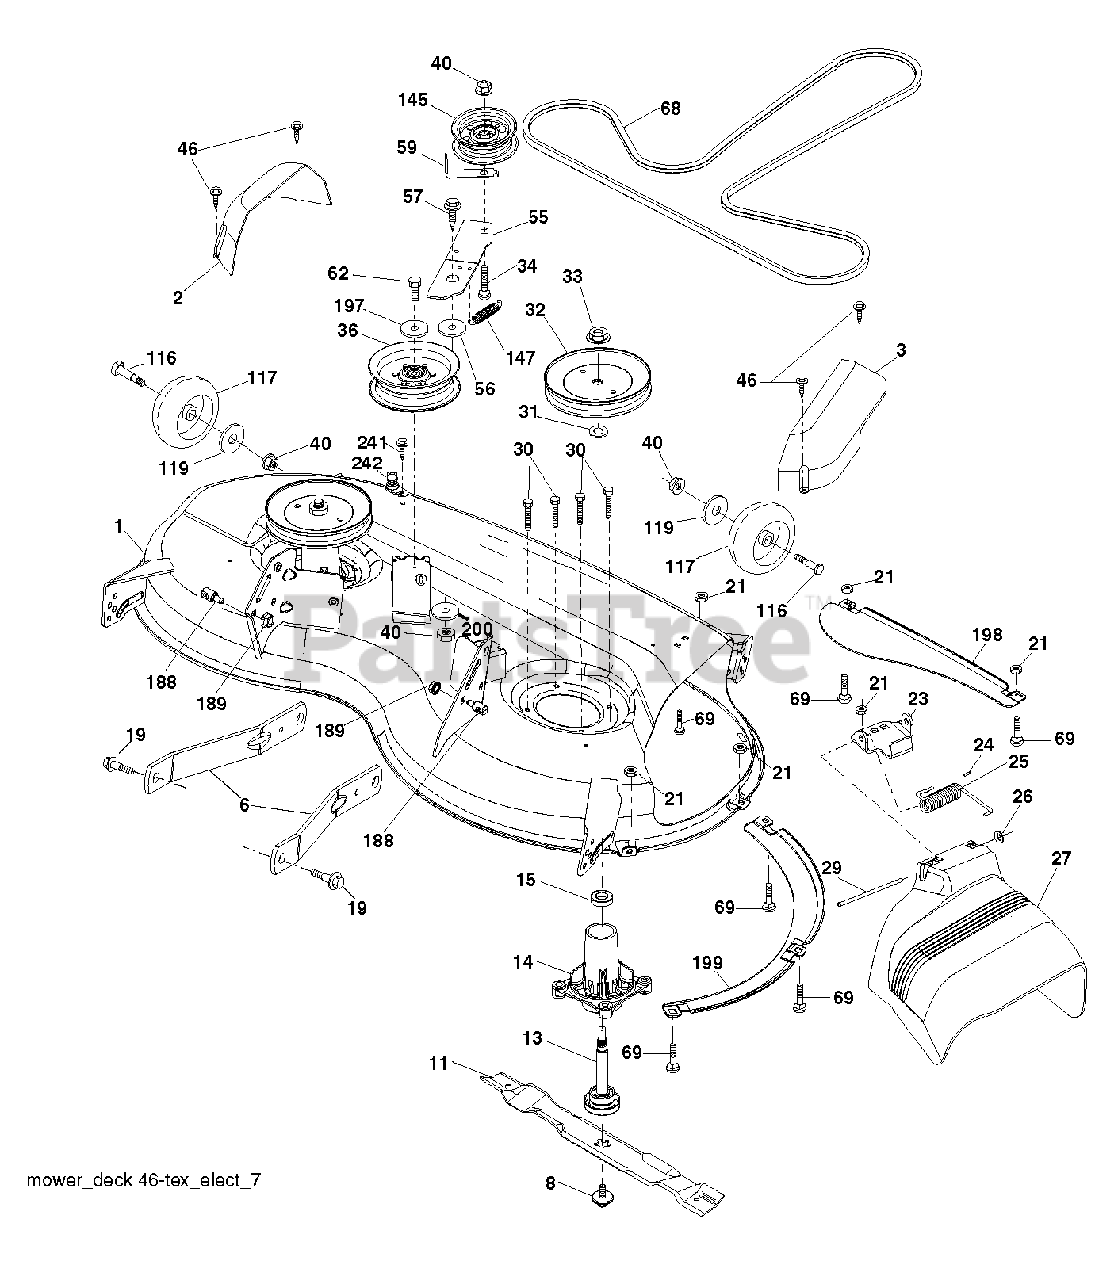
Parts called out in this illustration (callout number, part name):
1	DECK.WLDMT.W/TB.46.4GA.TTR
2	COVER.MANDREL.RH.46"
3	COVER.MANDREL.LH.46"
6	ARM.SUSPENSION.MOWER.R
8	BOLT.WASHER.ASM.7/16-2
11	BLADE.MOWER.46".HI.LIFT
13	SHAFT.ASM.MDRL.N/GREASE.38
14	HOUSING.MANDREL.4PT.
19	BOLT.SHOULDER
21	LOCKNUT
23	BRKT.DEFLECTOR.38"2005+
24	CAP-SLEEVE LT
25	SPRING.TORSION.DEFLECT
26	NUT PUSH M
27	SHIELD.DEFLECTOR.MOWER.46"BLAC
29	ROD.HINGE
30	SCREW, WASHER HEAD
31	WASHER.SPACER.MANDREL
32	PULLEY.MANDREL.5.438.PD
33	NUT.FLANGE.LOCK.TOP
34	BOLT.3/8-16X1.50
36	PULLEY.IDLER.2006
40	NUT LOCK FLG 3/8-16 UNC
46	SCREW.1/4-20X5/8
56	SPACER.RETAINER
57	SCREW 3/8-16X1
59	GUARD, BELT
62	BOLT-HEX EAK
68	V-BELT
69	BOLT
116	BOLT.SHOULDER.3/8-16X3-5/8.
117	WHEEL. GUAGE RALLY
119	WASHER
145	PULLEY.IDLER.48"PRIMARY
147	SPRING.MOWER.DRIVE.ELECTRIC
188	STUD.FASTNER.W/ANTI-ROTATE
189	NUT LOCK HEX FLANGE 5/16-18
197	WASHER
198	BAFFLE CENTER FRONT
199	BAFFLE FRONT RH
200	WASHER.13/32 X 1 X 1/2.11GUARD
241	SCREW.TT.#10-32X.5.3/8.FLANGE
242	PORT.WASHOUT

*Required work*: Find each line in the records holding the string "BAFFLE" and show it.

*Exercise result*:
198	BAFFLE CENTER FRONT
199	BAFFLE FRONT RH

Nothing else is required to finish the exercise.